Advantages and Disadvantages of Forecasting Methods of Production and Operations Management
Companies apply forecasting methods of production to anticipate potential issues and results for the business in the upcoming months and years. Forecasting methods can include both quantitative data and qualitative observations. Operations management techniques help businesses determine the actions they should take to bring about favorable results and avoid unprofitable scenarios based on those forecasts. These techniques frequently involve the development and distribution of both new and existing products and services.
Businesses employ a diverse array of forecasting methods to evaluate potential results stemming from their decisions. The most notable advantage of quantitative forecasting methods is that the projections rely on the strength of past data. The chief advantage of qualitative methods is that the main source of data derives from the experiences of qualified executives and employees. The vast majority of business owners blend the hard data with personal impressions to develop useful forecasts.
The primary disadvantage of forecasting is the same as that of any other method of predicting the future: No one can be absolutely sure what the future holds. Any unforeseen factors can render a forecast useless, regardless of the quality of its data. Also, some forecasting methods may use the same data but deliver widely different forecasts. For instance, one forecasting method can show that interest rates will rise, while another will illustrate that rates will hold steady or decline.
Operations management techniques act as key factors toward achieving business objectives by examining each facet of the company, ranging from production to sales to employee relations. These methods allow businesses to apply their resources toward bringing out products and services that meet the needs of their customers. The main advantages to operations management involve how these principles can reduce production costs, increase revenues, encourage higher customer satisfaction ratings and build a structure that encourages innovation and industry leadership.

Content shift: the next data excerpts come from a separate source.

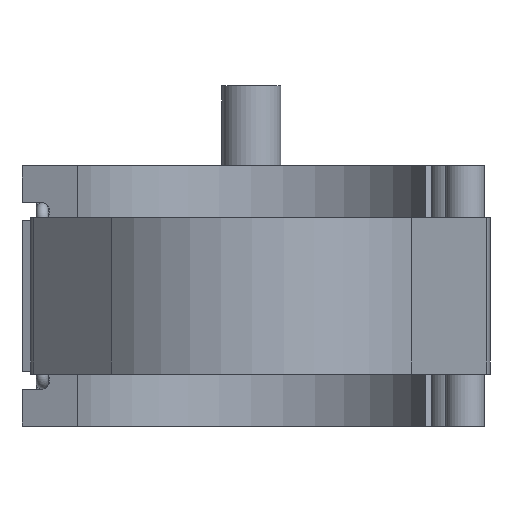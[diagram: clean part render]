
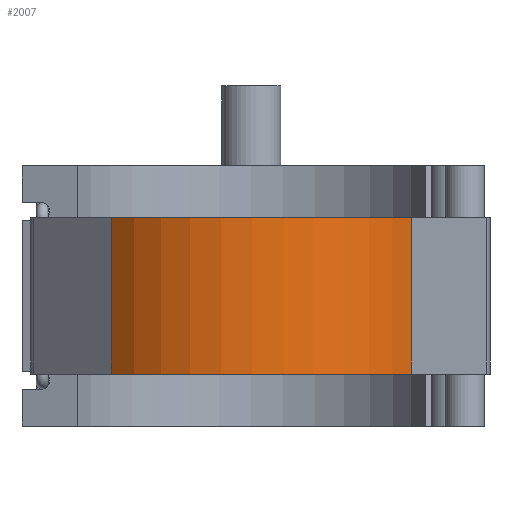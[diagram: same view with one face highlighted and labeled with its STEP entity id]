
A CAD part, front view. The second image highlights one B-rep face of the part: STEP entity #2007.
In plain terms, the highlighted cylindrical face has radius 128.75 mm (diameter 257.5 mm), a partial arc.
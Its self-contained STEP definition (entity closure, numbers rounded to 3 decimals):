
#60=CYLINDRICAL_SURFACE('',#2191,128.75);
#112=CIRCLE('',#2114,128.75);
#121=CIRCLE('',#2124,128.75);
#254=FACE_OUTER_BOUND('',#376,.T.);
#376=EDGE_LOOP('',(#1544,#1545,#1546,#1547));
#562=LINE('',#3234,#735);
#563=LINE('',#3236,#736);
#735=VECTOR('',#2594,10.);
#736=VECTOR('',#2597,10.);
#826=VERTEX_POINT('',#2990);
#827=VERTEX_POINT('',#2992);
#842=VERTEX_POINT('',#3024);
#843=VERTEX_POINT('',#3026);
#1020=EDGE_CURVE('',#826,#827,#112,.T.);
#1037=EDGE_CURVE('',#842,#843,#121,.T.);
#1145=EDGE_CURVE('',#826,#843,#562,.T.);
#1146=EDGE_CURVE('',#827,#842,#563,.T.);
#1544=ORIENTED_EDGE('',*,*,#1145,.T.);
#1545=ORIENTED_EDGE('',*,*,#1037,.F.);
#1546=ORIENTED_EDGE('',*,*,#1146,.F.);
#1547=ORIENTED_EDGE('',*,*,#1020,.F.);
#2007=ADVANCED_FACE('',(#254),#60,.T.);
#2114=AXIS2_PLACEMENT_3D('',#2993,#2357,#2358);
#2124=AXIS2_PLACEMENT_3D('',#3027,#2385,#2386);
#2191=AXIS2_PLACEMENT_3D('',#3235,#2595,#2596);
#2357=DIRECTION('center_axis',(0.,0.,-1.));
#2358=DIRECTION('ref_axis',(0.992,0.126,0.));
#2385=DIRECTION('center_axis',(0.,0.,1.));
#2386=DIRECTION('ref_axis',(0.992,0.126,0.));
#2594=DIRECTION('',(0.,0.,1.));
#2595=DIRECTION('center_axis',(0.,0.,1.));
#2596=DIRECTION('ref_axis',(0.992,0.126,0.));
#2597=DIRECTION('',(0.,0.,1.));
#2990=CARTESIAN_POINT('',(108.446,-69.398,-52.8));
#2992=CARTESIAN_POINT('',(-94.713,-87.212,-52.8));
#2993=CARTESIAN_POINT('Origin',(0.,0.,-52.8));
#3024=CARTESIAN_POINT('',(-94.713,-87.212,52.8));
#3026=CARTESIAN_POINT('',(108.446,-69.398,52.8));
#3027=CARTESIAN_POINT('Origin',(0.,0.,52.8));
#3234=CARTESIAN_POINT('',(108.446,-69.398,0.));
#3235=CARTESIAN_POINT('Origin',(0.,0.,0.));
#3236=CARTESIAN_POINT('',(-94.713,-87.212,0.));

The success of any operations management plan relies on the capabilities of each department to work together to achieve the plan's objectives. The most glaring weakness in operations management becomes apparent when departments fail to work together in a cohesive manner. The lack of cohesion may arise from poor communication, lack of resources or intra-company political strife. When each department spends its efforts toward protecting its territory or declaring its importance, the company becomes a house divided, and the operations management plan will inevitably fail.